Crude Oil WTI Futures oil prices made a run for the 10-day moving average but failed to complete the breakout, keeping us locked in a trading range. Oil prices were hesitant to move higher and break out because of mixed signals like OPEC Plus hesitation as well as a reminder from President Trump that he will not hesitate to enforce tariffs that will out on schedule unless some dramatic changes are made.
Also, President Trump’s peace push is reducing geo-political price risk as he makes a historic agreement with Ukrainian President Zelensky that will make the US a partner in developing Ukraine’s minerals, rare earths, oil and gas and says that he thinks the Russian Ukraine war will end very soon, or it will not end at all.
Yet some are complaining that Ukraine may not have much in the way or rare earth minerals. They do have the potential to increase production of oil and gas in addition to any rare earth minerals that the US can find. President Trump does say that the relationship with Vladimir Zelensky got a little bit testy. Apparently, Vladimir doesn’t like being called a dictator, makes him testy. I get it. President Trump also stated that he did not think Putin would invade Ukraine again if they reached a peace agreement with Ukraine. He suggested that Russia and Ukraine could have a strong economic relationship if both nations cooperated. That’s assuming of course Putin gets over his obsession with getting the Old Soviet Union back together and Nato respects its treaties with Russia.
Oil Prices Struggle Amid Mixed Signals
Yesterday oil prices made a run at the 10-day moving average but failed as traders started to wonder if we could see the start of “Oil Trading War III”. Algorithmic traders responded quickly to a headline indicating that OPEC is hesitant about proceeding with an April output increase due to uncertainties surrounding sanctions and tariffs, causing oil prices to rise by almost $0.50. Yet reversed it very quickly afterwards because the next headline read that Russia and the United Arab Emirates still wanted to go ahead with the production increase.
That brought t back memories of past production wars. We all remember the disagreement between Russia and Saudi Arabia about oil production in the beginning days of COVID that led to a production war that helped prices crash to below ZERO! In recent months the UAE have been chomping at the bid to show their oil production prowess. OPEC has restrained them even as they have given the United Arab Emirates the ability to make up for quotas that other OPEC members just weren’t using. If OPEC delays their production increase, it will be very bullish for oil and oil product prices.

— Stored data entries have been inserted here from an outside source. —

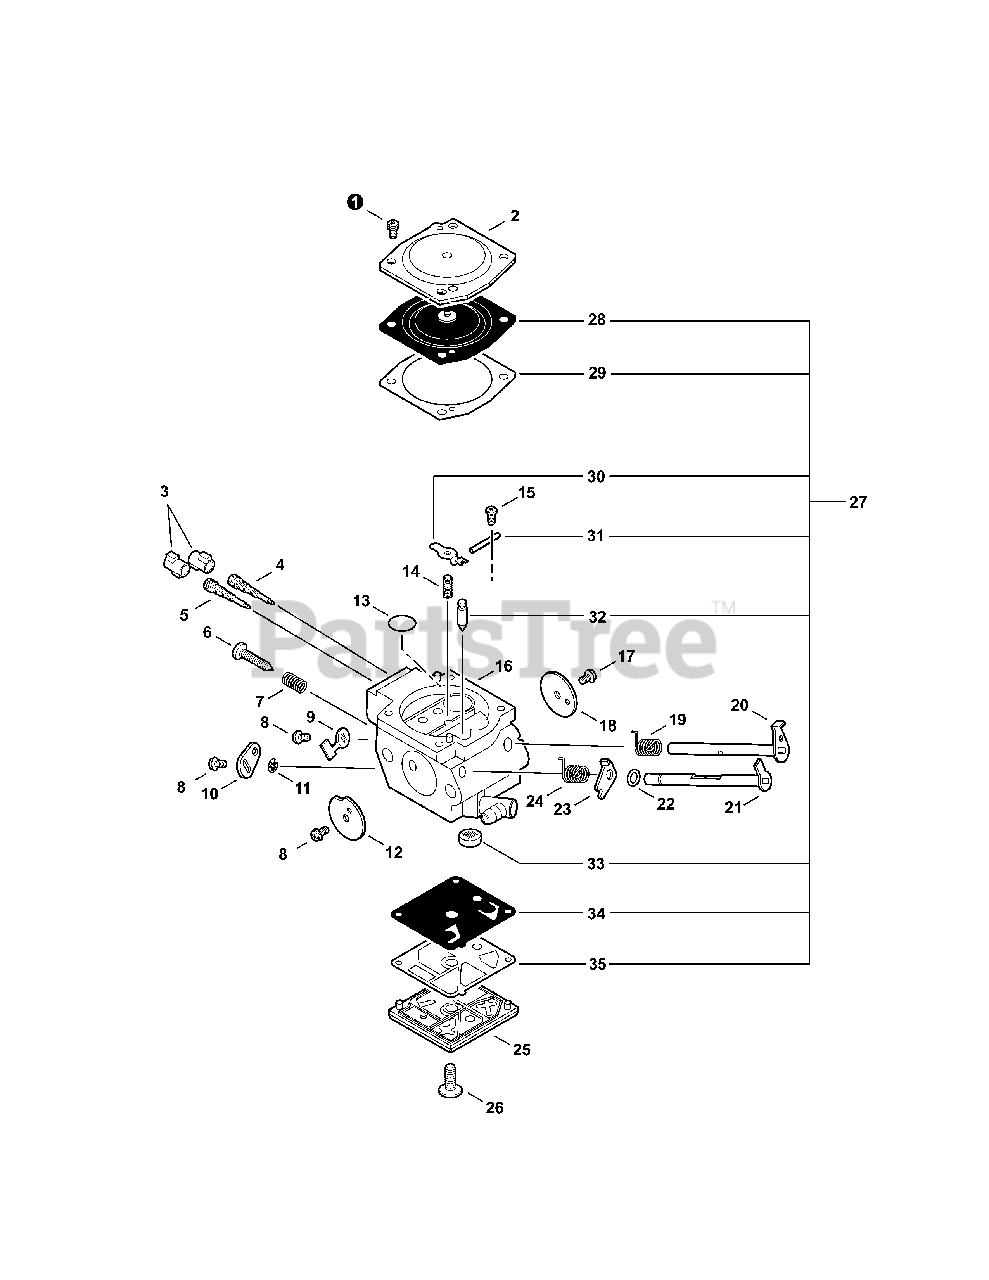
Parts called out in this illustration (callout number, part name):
2	COVER, DIAPHRAGM
3	CAP, LIMITER
4	NEEDLE - LOW SPEED
5	NEEDLE - HIGH SPEED
6	SCREW, IDLE ADJUST
7	SPRING, IDLE ADJUST
9	STOP, THROTTLE
10	LEVER, CHOKE
11	RING, RETAINING
12	VALVE, CHOKE
13	PLUG, WELCH
14	SPRING, METERING LEVER
15	SCREW, METERING LEVER PIN
16	BODY, CARBURETOR
17	SCREW, THROTTLE VALVE
18	VALVE, THROTTLE
19	SPRING, THROTTLE RETURN
20	SHAFT, THROTTLE
21	SHAFT, CHOKE
23	LEVER, FAST IDLE
24	SPRING, CHOKE RETURN
25	COVER, PUMP
27	REPAIR KIT
28	DIAPHRAGM, METERING
29	GASKET, METERING
30	LEVER, METERING
31	PIN, METERING LEVER
32	VALVE, INLET NEEDLE
33	STRAINER
34	DIAPHRAGM, PUMP
35	GASKET, PUMP

Currently, oil prices are fluctuating within a trading range, but a delay will give prices an upside breakout. Generally, the seasonality of oil, gasoline, and diesel becomes bullish around Easter anyway.
In fact, our friends at Moore Research points out to look at the price of August crude oil between March 29th and April 14th. It’s kind of 14 out of the last 15 years. If you look at diesel, for example March 29th to April 14th it’s gone up 13 out of the last 15 years. And those summer blends make me feel fine as we get the April run up in gasoline! Between March 30th and April 15th gasoline futures have gone up 14 out of the last 15 years.
Natural Gas Market Reacts to Cold Weather
President Trump realizes that the United States is going to need rare earth minerals whether they’re produced here or in other parts of the world. Right now, China of course has a monopoly almost on many better earth minerals. Trump has warned China to quit dumping their products here in the United States and we’ll take action to stop. At at the same time China pledges to stabilize grain prices and may intervene in the market to counter potential tariff threats.
Natural Gas Futures is hanging after a bullish report. Cold weather caused a bullish report. Working gas in storage was 1,840 Bcf as of Friday, February 21, 2025, according to EIA estimates. This represents a net decrease of 261 Bcf from the previous week. Stocks were 561 Bcf less than last year at this time and 238 Bcf below the five-year average of 2,078 Bcf. At 1,840 Bcf, total working gas is within the five-year historical range.